• RECORDS FOR THE TASK:
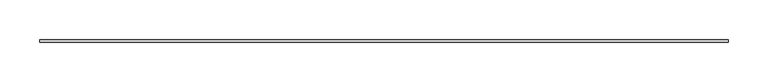
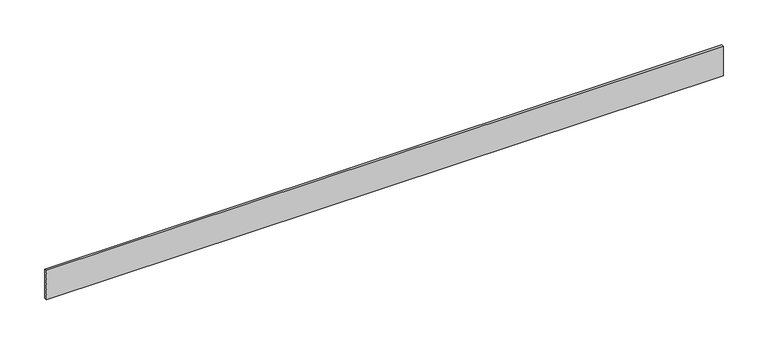
"""IFC4 building model written with IfcOpenShell, lengths in millimetres: proxy geometry, Generic Models 3:Generic Models 1:3:Generic Models 1:3 : Generic Models 3:Generic Models 1:300625:336034:Generic Models 1:3:Generic Models 1:3 : Generic Models 3:Generic Models 1:300625:336034 : Generic Models 3:Generic Models 1:3:Generic Models 1:3 : Generic Models 3:Generic Models 1:300625:336034:4 : Generic Models 3:Generic Models 1:3:Generic Models 1:3 : Generic Models 3:Generic Models 1:300625:336034:Generic Models 1:3:Generic Models 1:3 : Generic Models 3:Generic Models 1:300625:336034 : Generic Models 3:Generic Models 1:3:Generic Models 1:3 : Generic Models 3:Generic Models 1:300625:336034:301191."""

import ifcopenshell
import ifcopenshell.guid

model = None  # the IFC model being written
_history = None  # IfcOwnerHistory: only IFC2X3 demands one
_inside = {}  # id of a spatial element -> (the spatial element, [elements in it])
_under = {}  # id of a project, library or spatial element -> (it, [spatial elements below it])
_declared = {}  # id of a project -> (the project, [libraries it declares])
_typed = {}  # id of a type object -> (the type object, [elements of that type])
_made_of = {}  # id of a material, layer set ... -> (it, [elements and type objects made of it])


def new_model(schema):
    """Start an empty IFC model of exactly this schema.

    Asked for "IFC4X3", IfcOpenShell would pick the latest addendum, in which some entities
    have other attributes; the version numbers below select the first issue.
    IFC2X3 requires an IfcOwnerHistory on every rooted entity: one is made here for all.
    """
    global model, _history
    if schema == "IFC4X3":
        model = ifcopenshell.file(schema_version=(4, 3, 0, 0))
    else:
        model = ifcopenshell.file(schema=schema)
    _inside.clear()
    _under.clear()
    _declared.clear()
    _typed.clear()
    _made_of.clear()
    _history = None
    if model.schema == "IFC2X3":
        org = make("IfcOrganization", Name="unknown")
        user = make(
            "IfcPersonAndOrganization",
            ThePerson=make("IfcPerson", FamilyName="unknown"),
            TheOrganization=org,
        )
        app = make(
            "IfcApplication",
            ApplicationDeveloper=org,
            Version="unknown",
            ApplicationFullName="unknown",
            ApplicationIdentifier="unknown",
        )
        _history = make(
            "IfcOwnerHistory",
            OwningUser=user,
            OwningApplication=app,
            ChangeAction="ADDED",
            CreationDate=0,
        )
    return model


def make(cls, **values):
    """One entity of the class cls with the attributes given. An attribute that is None is left unset."""
    return model.create_entity(
        cls, **{name: value for name, value in values.items() if value is not None}
    )


def rooted(cls, **values):
    """An entity with a GlobalId (a new one), such as an element, a storey or a relation."""
    return make(cls, GlobalId=ifcopenshell.guid.new(), OwnerHistory=_history, **values)


def si_unit(unit_type, name, prefix=None):
    """IfcSIUnit, for example si_unit("LENGTHUNIT", "METRE", prefix="MILLI")."""
    return make("IfcSIUnit", UnitType=unit_type, Prefix=prefix, Name=name)


def assignment(units):
    """IfcUnitAssignment: the units of a project."""
    return None if units is None else make("IfcUnitAssignment", Units=units)


def point(xyz):
    """IfcCartesianPoint."""
    return None if xyz is None else make("IfcCartesianPoint", Coordinates=xyz)


def direction(xyz):
    """IfcDirection."""
    return None if xyz is None else make("IfcDirection", DirectionRatios=xyz)


def frame(location, z_axis=None, x_axis=None):
    """IfcAxis2Placement3D, a coordinate frame: its origin and axes. An axis left out is left unset."""
    return make(
        "IfcAxis2Placement3D",
        Location=point(location),
        Axis=direction(z_axis),
        RefDirection=direction(x_axis),
    )


def origin():
    """The frame at (0, 0, 0) with its axes left unset."""
    return frame((0.0, 0.0, 0.0))


def place(relative_to, where):
    """IfcLocalPlacement: puts the frame where relative to a parent placement (None: the world)."""
    return make(
        "IfcLocalPlacement", PlacementRelTo=relative_to, RelativePlacement=where
    )


def context(
    kind, dimensions, precision=None, world=None, true_north=None, identifier=None
):
    """IfcGeometricRepresentationContext, for example the 3D "Model" context."""
    return make(
        "IfcGeometricRepresentationContext",
        ContextIdentifier=identifier,
        ContextType=kind,
        CoordinateSpaceDimension=dimensions,
        Precision=precision,
        WorldCoordinateSystem=world,
        TrueNorth=true_north,
    )


def project(units=None, contexts=None):
    """IfcProject with its units and contexts."""
    return rooted(
        "IfcProject",
        Name="project",
        RepresentationContexts=contexts,
        UnitsInContext=assignment(units),
    )


def spatial(cls, under=None, at=None, **own):
    """A site, building, storey or space (cls), placed at a placement, below another one or the project."""
    s = rooted(cls, ObjectPlacement=at, **own)
    if under is not None:
        _under.setdefault(under.id(), (under, []))[1].append(s)
    return s


def polyline(points):
    """IfcPolyline through the points."""
    return make("IfcPolyline", Points=[point(p) for p in points])


def outline(outer, holes=None, kind="AREA"):
    """IfcArbitraryClosedProfileDef: a profile drawn as a closed curve; with holes, ...WithVoids."""
    if holes is None:
        return make("IfcArbitraryClosedProfileDef", ProfileType=kind, OuterCurve=outer)
    return make(
        "IfcArbitraryProfileDefWithVoids",
        ProfileType=kind,
        OuterCurve=outer,
        InnerCurves=holes,
    )


def extrude(swept, where, along, depth):
    """IfcExtrudedAreaSolid: the profile swept, set in the frame where, extruded along a direction by depth."""
    return make(
        "IfcExtrudedAreaSolid",
        SweptArea=swept,
        Position=where,
        ExtrudedDirection=direction(along),
        Depth=depth,
    )


def shape(context_of_items, identifier, shape_type, items):
    """IfcShapeRepresentation: the items that make up one representation, for example the "Body"."""
    return make(
        "IfcShapeRepresentation",
        ContextOfItems=context_of_items,
        RepresentationIdentifier=identifier,
        RepresentationType=shape_type,
        Items=items,
    )


def source(mapping_origin, context_of_items, identifier, shape_type, items):
    """IfcRepresentationMap: a shape defined once, which mapped items show again and again."""
    return make(
        "IfcRepresentationMap",
        MappingOrigin=mapping_origin,
        MappedRepresentation=shape(context_of_items, identifier, shape_type, items),
    )


def transform(
    local_origin,
    x_axis=None,
    y_axis=None,
    z_axis=None,
    scale=None,
    scale2=None,
    scale3=None,
    uniform=True,
):
    """IfcCartesianTransformationOperator3D, or its non-uniform kind. x_axis, y_axis, z_axis: its Axis1, 2, 3."""
    if uniform:
        return make(
            "IfcCartesianTransformationOperator3D",
            Axis1=direction(x_axis),
            Axis2=direction(y_axis),
            LocalOrigin=point(local_origin),
            Scale=scale,
            Axis3=direction(z_axis),
        )
    return make(
        "IfcCartesianTransformationOperator3DnonUniform",
        Axis1=direction(x_axis),
        Axis2=direction(y_axis),
        LocalOrigin=point(local_origin),
        Scale=scale,
        Axis3=direction(z_axis),
        Scale2=scale2,
        Scale3=scale3,
    )


def mapped(mapping_source, mapping_target):
    """IfcMappedItem: shows the shape of a source again, moved by a transform."""
    return make(
        "IfcMappedItem", MappingSource=mapping_source, MappingTarget=mapping_target
    )


def made_of(thing, what):
    """Note that an element or type object is made of a material, layer set ...; save() writes the relation."""
    if what is not None:
        _made_of.setdefault(what.id(), (what, []))[1].append(thing)
    return thing


def element(
    cls,
    number,
    at=None,
    inside=None,
    cuts=None,
    type_object=None,
    material=None,
    context=None,
    identifier="Body",
    shape_type=None,
    held_by="IfcProductDefinitionShape",
    body=None,
    shapes=None,
    **own,
):
    """One element of the class cls, such as IfcWall. Its Tag is "e" and its number.

    at: its placement. inside: the storey or other place that contains it. cuts: it is an
    opening in that element (IfcRelVoidsElement). A single representation is given by context,
    identifier, shape_type and body (its items); several are given by shapes. held_by: the class
    of the entity that holds the representations. save() writes the other relations.
    """
    e = rooted(cls, Tag="e%d" % number, ObjectPlacement=at, **own)
    if body is not None:
        shapes = [shape(context, identifier, shape_type, body)]
    if shapes is not None:
        e.Representation = make(held_by, Representations=shapes)
    if inside is not None:
        _inside.setdefault(inside.id(), (inside, []))[1].append(e)
    if cuts is not None:
        rooted(
            "IfcRelVoidsElement", RelatingBuildingElement=cuts, RelatedOpeningElement=e
        )
    if type_object is not None:
        _typed.setdefault(type_object.id(), (type_object, []))[1].append(e)
    return made_of(e, material)


def aggregate(whole, parts):
    """IfcRelAggregates: a whole, such as a stair, and the parts it consists of."""
    return rooted("IfcRelAggregates", RelatingObject=whole, RelatedObjects=parts)


def save(model, path):
    """Write the relations noted so far, then the file.

    IfcRelAggregates (storeys below a building ...), IfcRelContainedInSpatialStructure (elements
    in a storey), IfcRelDefinesByType, IfcRelAssociatesMaterial and IfcRelDeclares: one each for
    every whole, place, type object, material and project.
    """
    for whole, parts in _under.values():
        aggregate(whole, parts)
    for where, things in _inside.values():
        rooted(
            "IfcRelContainedInSpatialStructure",
            RelatedElements=things,
            RelatingStructure=where,
        )
    for kind, things in _typed.values():
        rooted("IfcRelDefinesByType", RelatedObjects=things, RelatingType=kind)
    for what, things in _made_of.values():
        rooted("IfcRelAssociatesMaterial", RelatedObjects=things, RelatingMaterial=what)
    for by, libraries in _declared.values():
        rooted("IfcRelDeclares", RelatingContext=by, RelatedDefinitions=libraries)
    model.write(path)


def generic_models_05a2607f(model_context):
    return source(origin(), model_context, "Body", "SweptSolid", [
        extrude(outline(polyline([(570395.4867239, -579000.6913841), (570395.4867239, -579003.8663841), (569527.1242239, -579003.8663841), (569527.1242239, -579000.6913841), (570395.4867239, -579000.6913841)])), frame((0.0, 0.0, 2446.5359375), z_axis=(0.0, 0.0, 1.0), x_axis=(1.0, 0.0, 0.0)), (0.0, 0.0, 1.0), 39.74694),
    ])


if __name__ == "__main__":
    model = new_model("IFC4")
    model_context = context("Model", 3, world=origin())
    ifc_project = project(units=[si_unit("LENGTHUNIT", "METRE", prefix="MILLI")], contexts=[model_context])
    site = spatial("IfcSite", under=ifc_project)
    building = spatial("IfcBuilding", under=site)
    placement = place(None, origin())
    generic_models_shape = generic_models_05a2607f(model_context)
    element("IfcBuildingElementProxy", 1, Name="Generic Models 3:Generic Models 1:3:Generic Models 1:3 : Generic Models 3:Generic Models 1:300625:336034:Generic Models 1:3:Generic Models 1:3 : Generic Models 3:Generic Models 1:300625:336034 : Generic Models 3:Generic Models 1:3:Generic Models 1:3 : Generic Models 3:Generic Models 1:300625:336034:4 : Generic Models 3:Generic Models 1:3:Generic Models 1:3 : Generic Models 3:Generic Models 1:300625:336034:Generic Models 1:3:Generic Models 1:3 : Generic Models 3:Generic Models 1:300625:336034 : Generic Models 3:Generic Models 1:3:Generic Models 1:3 : Generic Models 3:Generic Models 1:300625:336034:301191", ObjectType="Generic Models 3:Generic Models 1:3:Generic Models 1:3 : Generic Models 3:Generic Models 1:300625:336034:Generic Models 1:3:Generic Models 1:3 : Generic Models 3:Generic Models 1:300625:336034 : Generic Models 3:Generic Models 1:3:Generic Models 1:3 : Generic Models 3:Generic Models 1:300625:336034:4 : Generic Models 3:Generic Models 1:3:Generic Models 1:3 : Generic Models 3:Generic Models 1:300625:336034:Generic Models 1:3:Generic Models 1:3 : Generic Models 3:Generic Models 1:300625:336034 : Generic Models 3:Generic Models 1:3:Generic Models 1:3 : Generic Models 3:Generic Models 1:300625:336034:301191", at=placement, inside=building, context=model_context, shape_type="MappedRepresentation", body=[
        mapped(generic_models_shape, transform((0.0, 0.0, 0.0), x_axis=(1.0, 0.0, 0.0), y_axis=(0.0, 1.0, 0.0), z_axis=(0.0, 0.0, 1.0))),
    ])
    save(model, "model.ifc")

# Revit data of these elements
# Type "Generic Models 3:Generic Models 1:3:Generic Models 1:3 : Generic Models 3:Generic Models 1:300625:336034:Generic Models 1:3:Generic Models 1:3 : Generic Models 3:Generic Models 1:300625:336034 : Generic Models 3:Generic Models 1:3:Generic Models 1:3 : Generic Models 3:Generic Models 1:300625:336034:4 : Generic Models 3:Generic Models 1:3:Generic Models 1:3 : Generic Models 3:Generic Models 1:300625:336034:Generic Models 1:3:Generic Models 1:3 : Generic Models 3:Generic Models 1:300625:336034 : Generic Models 3:Generic Models 1:3:Generic Models 1:3 : Generic Models 3:Generic Models 1:300625:336034:301191"
#   NameOverride = "Generic Models 3:Generic Models 1:3:Generic Models 1:3 : Generic Models 3:Generic Models 1:300625:336034:Generic Models 1:3:Generic Models 1:3 : Generic Models 3:Generic Models 1:300625:336034 : Generic Models 3:Generic Models 1:3:Generic Models 1:3 : Generic Models 3:Generic Models 1:300625:336034:301191"
#   ObjectTypeOverride = "Generic Models 1:3:Generic Models 1:3 : Generic Models 3:Generic Models 1:300625:336034 : Generic Models 3:Generic Models 1:3:Generic Models 1:3 : Generic Models 3:Generic Models 1:300625:336034"
#   Reference = "Generic Models 1"
#   Tag = "301191"
# Element 1 (IfcBuildingElementProxy, "Generic Models 3:Generic Models 1:3:Generic Models 1:3 : Generic Models 3:Generic Models 1:300625:336034:Generic Models 1:3:Generic Models 1:3 : Generic Models 3:Generic Models 1:300625:336034 : Generic Models 3:Generic Models 1:3:Generic Models 1:3 : Generic Models 3:Generic Models 1:300625:336034:4 : Generic Models 3:Generic Models 1:3:Generic Models 1:3 : Generic Models 3:Generic Models 1:300625:336034:Generic Models 1:3:Generic Models 1:3 : Generic Models 3:Generic Models 1:300625:336034 : Generic Models 3:Generic Models 1:3:Generic Models 1:3 : Generic Models 3:Generic Models 1:300625:336034:301191")
#   Materials on its faces: "COMPRESSIBE THERMAL GASKET SANDWICHED BETWEEN METAL COMPONENTS"
# Materials
#   "COMPRESSIBE THERMAL GASKET SANDWICHED BETWEEN METAL COMPONENTS": class "Unassigned", colour RGB 58 208 21, transparency 0, Cost = 0

• TASK OBJECTIVE: If a line in the records has the word "units", copy that line.

• ANSWER BOX:
def assignment(units):
    """IfcUnitAssignment: the units of a project."""
    return None if units is None else make("IfcUnitAssignment", Units=units)
def project(units=None, contexts=None):
    """IfcProject with its units and contexts."""
        UnitsInContext=assignment(units),
    ifc_project = project(units=[si_unit("LENGTHUNIT", "METRE", prefix="MILLI")], contexts=[model_context])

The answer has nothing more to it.